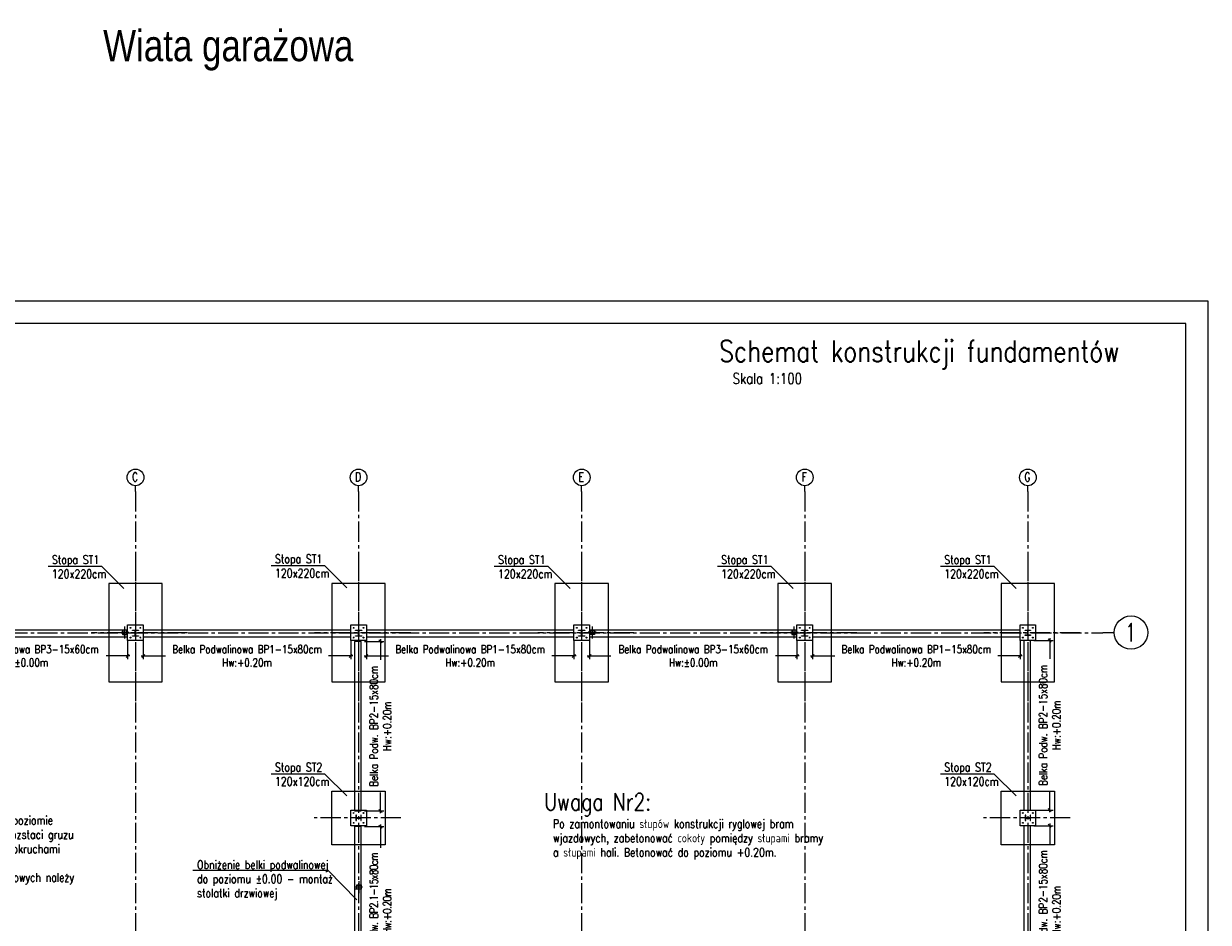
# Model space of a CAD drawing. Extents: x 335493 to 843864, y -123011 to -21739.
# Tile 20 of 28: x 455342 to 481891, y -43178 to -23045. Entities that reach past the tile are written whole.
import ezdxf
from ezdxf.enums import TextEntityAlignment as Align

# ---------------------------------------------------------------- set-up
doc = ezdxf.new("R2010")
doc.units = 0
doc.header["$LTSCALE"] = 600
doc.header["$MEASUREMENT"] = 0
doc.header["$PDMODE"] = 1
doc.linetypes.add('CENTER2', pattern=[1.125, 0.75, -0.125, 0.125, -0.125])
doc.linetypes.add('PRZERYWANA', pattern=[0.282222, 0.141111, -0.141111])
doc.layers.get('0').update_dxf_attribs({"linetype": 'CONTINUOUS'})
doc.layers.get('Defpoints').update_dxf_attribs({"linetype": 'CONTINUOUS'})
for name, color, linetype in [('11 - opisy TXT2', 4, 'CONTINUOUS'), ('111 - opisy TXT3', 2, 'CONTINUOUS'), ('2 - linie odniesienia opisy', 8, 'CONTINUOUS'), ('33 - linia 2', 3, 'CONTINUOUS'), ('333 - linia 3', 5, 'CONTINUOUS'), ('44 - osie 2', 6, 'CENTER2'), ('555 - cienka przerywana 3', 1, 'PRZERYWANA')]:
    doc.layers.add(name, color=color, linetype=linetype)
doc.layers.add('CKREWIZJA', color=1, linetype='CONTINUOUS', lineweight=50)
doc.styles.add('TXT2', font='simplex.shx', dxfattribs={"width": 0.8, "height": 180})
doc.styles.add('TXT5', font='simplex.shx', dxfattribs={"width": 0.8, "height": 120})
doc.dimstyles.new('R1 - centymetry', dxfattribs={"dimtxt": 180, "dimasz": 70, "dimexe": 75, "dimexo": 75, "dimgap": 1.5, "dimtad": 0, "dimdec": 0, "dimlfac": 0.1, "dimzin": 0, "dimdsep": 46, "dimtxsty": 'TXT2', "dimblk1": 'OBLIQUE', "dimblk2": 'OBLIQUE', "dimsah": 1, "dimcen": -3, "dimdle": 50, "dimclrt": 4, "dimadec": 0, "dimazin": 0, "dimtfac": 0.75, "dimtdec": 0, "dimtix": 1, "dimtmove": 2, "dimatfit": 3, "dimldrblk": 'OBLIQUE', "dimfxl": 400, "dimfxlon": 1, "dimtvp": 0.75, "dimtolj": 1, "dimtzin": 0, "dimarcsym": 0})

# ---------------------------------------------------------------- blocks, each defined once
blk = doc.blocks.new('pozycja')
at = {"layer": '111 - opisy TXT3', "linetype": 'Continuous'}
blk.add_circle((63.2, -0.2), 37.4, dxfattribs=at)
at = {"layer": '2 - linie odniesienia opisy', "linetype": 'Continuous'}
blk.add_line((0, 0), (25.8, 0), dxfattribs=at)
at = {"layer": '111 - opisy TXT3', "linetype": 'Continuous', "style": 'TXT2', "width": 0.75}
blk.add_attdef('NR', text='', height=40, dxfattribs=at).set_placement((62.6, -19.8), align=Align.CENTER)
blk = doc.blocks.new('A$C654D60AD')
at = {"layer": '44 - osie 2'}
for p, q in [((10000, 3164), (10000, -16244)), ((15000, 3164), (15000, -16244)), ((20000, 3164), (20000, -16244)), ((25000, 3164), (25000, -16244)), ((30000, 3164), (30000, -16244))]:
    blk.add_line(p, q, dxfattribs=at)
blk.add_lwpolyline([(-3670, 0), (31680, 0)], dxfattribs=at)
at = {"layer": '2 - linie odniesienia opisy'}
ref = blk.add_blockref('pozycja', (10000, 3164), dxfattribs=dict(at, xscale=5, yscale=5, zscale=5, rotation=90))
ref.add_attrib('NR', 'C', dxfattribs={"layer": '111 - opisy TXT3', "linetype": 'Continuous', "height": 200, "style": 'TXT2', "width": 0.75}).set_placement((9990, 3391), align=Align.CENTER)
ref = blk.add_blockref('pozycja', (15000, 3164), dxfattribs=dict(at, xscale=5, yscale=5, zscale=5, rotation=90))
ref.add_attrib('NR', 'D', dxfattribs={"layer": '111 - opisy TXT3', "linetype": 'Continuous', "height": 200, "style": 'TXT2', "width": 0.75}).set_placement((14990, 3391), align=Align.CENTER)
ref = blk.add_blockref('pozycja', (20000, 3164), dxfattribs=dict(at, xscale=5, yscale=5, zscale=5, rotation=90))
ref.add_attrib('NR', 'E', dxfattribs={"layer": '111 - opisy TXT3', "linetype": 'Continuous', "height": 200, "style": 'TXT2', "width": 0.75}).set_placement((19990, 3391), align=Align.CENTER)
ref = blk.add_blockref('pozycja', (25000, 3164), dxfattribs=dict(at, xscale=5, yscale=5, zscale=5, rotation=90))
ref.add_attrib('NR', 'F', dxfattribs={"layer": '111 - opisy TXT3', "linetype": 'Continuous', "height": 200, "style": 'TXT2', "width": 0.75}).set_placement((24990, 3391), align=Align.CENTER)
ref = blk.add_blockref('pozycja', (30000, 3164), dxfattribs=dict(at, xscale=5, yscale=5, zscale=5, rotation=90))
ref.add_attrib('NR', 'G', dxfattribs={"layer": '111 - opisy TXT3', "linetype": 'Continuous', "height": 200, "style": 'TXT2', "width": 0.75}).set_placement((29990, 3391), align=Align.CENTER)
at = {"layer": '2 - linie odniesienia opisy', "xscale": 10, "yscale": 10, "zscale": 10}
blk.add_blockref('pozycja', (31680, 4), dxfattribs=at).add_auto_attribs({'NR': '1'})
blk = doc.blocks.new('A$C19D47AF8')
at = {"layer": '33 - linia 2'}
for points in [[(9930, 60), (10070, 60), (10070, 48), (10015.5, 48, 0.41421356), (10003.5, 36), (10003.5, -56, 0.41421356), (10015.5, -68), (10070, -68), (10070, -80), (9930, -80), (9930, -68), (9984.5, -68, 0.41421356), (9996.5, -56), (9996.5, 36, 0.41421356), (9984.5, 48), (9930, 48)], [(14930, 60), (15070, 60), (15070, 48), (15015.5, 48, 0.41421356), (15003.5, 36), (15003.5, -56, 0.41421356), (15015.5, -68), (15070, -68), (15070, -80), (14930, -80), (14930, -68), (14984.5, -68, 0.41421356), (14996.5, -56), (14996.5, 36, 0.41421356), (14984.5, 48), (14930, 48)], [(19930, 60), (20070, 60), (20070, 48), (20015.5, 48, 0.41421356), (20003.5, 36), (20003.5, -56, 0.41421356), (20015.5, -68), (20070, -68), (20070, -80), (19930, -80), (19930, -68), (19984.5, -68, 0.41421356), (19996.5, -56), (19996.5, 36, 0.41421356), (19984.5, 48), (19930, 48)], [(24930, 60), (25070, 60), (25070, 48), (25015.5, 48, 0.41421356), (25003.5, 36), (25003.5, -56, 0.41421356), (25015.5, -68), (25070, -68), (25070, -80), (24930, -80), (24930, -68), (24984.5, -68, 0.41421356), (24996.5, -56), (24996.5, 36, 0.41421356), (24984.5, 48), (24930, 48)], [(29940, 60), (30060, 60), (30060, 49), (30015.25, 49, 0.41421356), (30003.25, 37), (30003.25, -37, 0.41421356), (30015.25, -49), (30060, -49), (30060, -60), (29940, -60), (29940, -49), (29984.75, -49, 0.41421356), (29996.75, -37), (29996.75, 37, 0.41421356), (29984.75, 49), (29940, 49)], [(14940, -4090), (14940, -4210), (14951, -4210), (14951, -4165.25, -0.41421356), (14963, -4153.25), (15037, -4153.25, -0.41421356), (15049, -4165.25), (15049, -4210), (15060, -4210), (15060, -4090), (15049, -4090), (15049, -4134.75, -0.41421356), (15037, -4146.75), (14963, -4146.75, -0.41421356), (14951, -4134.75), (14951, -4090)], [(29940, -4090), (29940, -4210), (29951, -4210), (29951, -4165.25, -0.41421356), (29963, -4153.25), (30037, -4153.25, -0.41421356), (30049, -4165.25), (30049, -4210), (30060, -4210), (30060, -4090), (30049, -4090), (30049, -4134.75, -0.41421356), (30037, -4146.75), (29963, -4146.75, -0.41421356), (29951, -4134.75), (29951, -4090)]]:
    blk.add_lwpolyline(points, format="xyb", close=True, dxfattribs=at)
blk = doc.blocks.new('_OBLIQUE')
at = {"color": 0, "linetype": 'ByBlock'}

######

> _REQUIRED WORK_
Please reproduce, exactly as they appear above, the lines from the line containing "doc.layers.add(name, color=color, linetype=linetype)" up to and including the line containing "blk.add_circle((63.2, -0.2), 37.4, dxfattribs=at)".

> _RESPONSE TO THE EXERCISE_
    doc.layers.add(name, color=color, linetype=linetype)
doc.layers.add('CKREWIZJA', color=1, linetype='CONTINUOUS', lineweight=50)
doc.styles.add('TXT2', font='simplex.shx', dxfattribs={"width": 0.8, "height": 180})
doc.styles.add('TXT5', font='simplex.shx', dxfattribs={"width": 0.8, "height": 120})
doc.dimstyles.new('R1 - centymetry', dxfattribs={"dimtxt": 180, "dimasz": 70, "dimexe": 75, "dimexo": 75, "dimgap": 1.5, "dimtad": 0, "dimdec": 0, "dimlfac": 0.1, "dimzin": 0, "dimdsep": 46, "dimtxsty": 'TXT2', "dimblk1": 'OBLIQUE', "dimblk2": 'OBLIQUE', "dimsah": 1, "dimcen": -3, "dimdle": 50, "dimclrt": 4, "dimadec": 0, "dimazin": 0, "dimtfac": 0.75, "dimtdec": 0, "dimtix": 1, "dimtmove": 2, "dimatfit": 3, "dimldrblk": 'OBLIQUE', "dimfxl": 400, "dimfxlon": 1, "dimtvp": 0.75, "dimtolj": 1, "dimtzin": 0, "dimarcsym": 0})

# ---------------------------------------------------------------- blocks, each defined once
blk = doc.blocks.new('pozycja')
at = {"layer": '111 - opisy TXT3', "linetype": 'Continuous'}
blk.add_circle((63.2, -0.2), 37.4, dxfattribs=at)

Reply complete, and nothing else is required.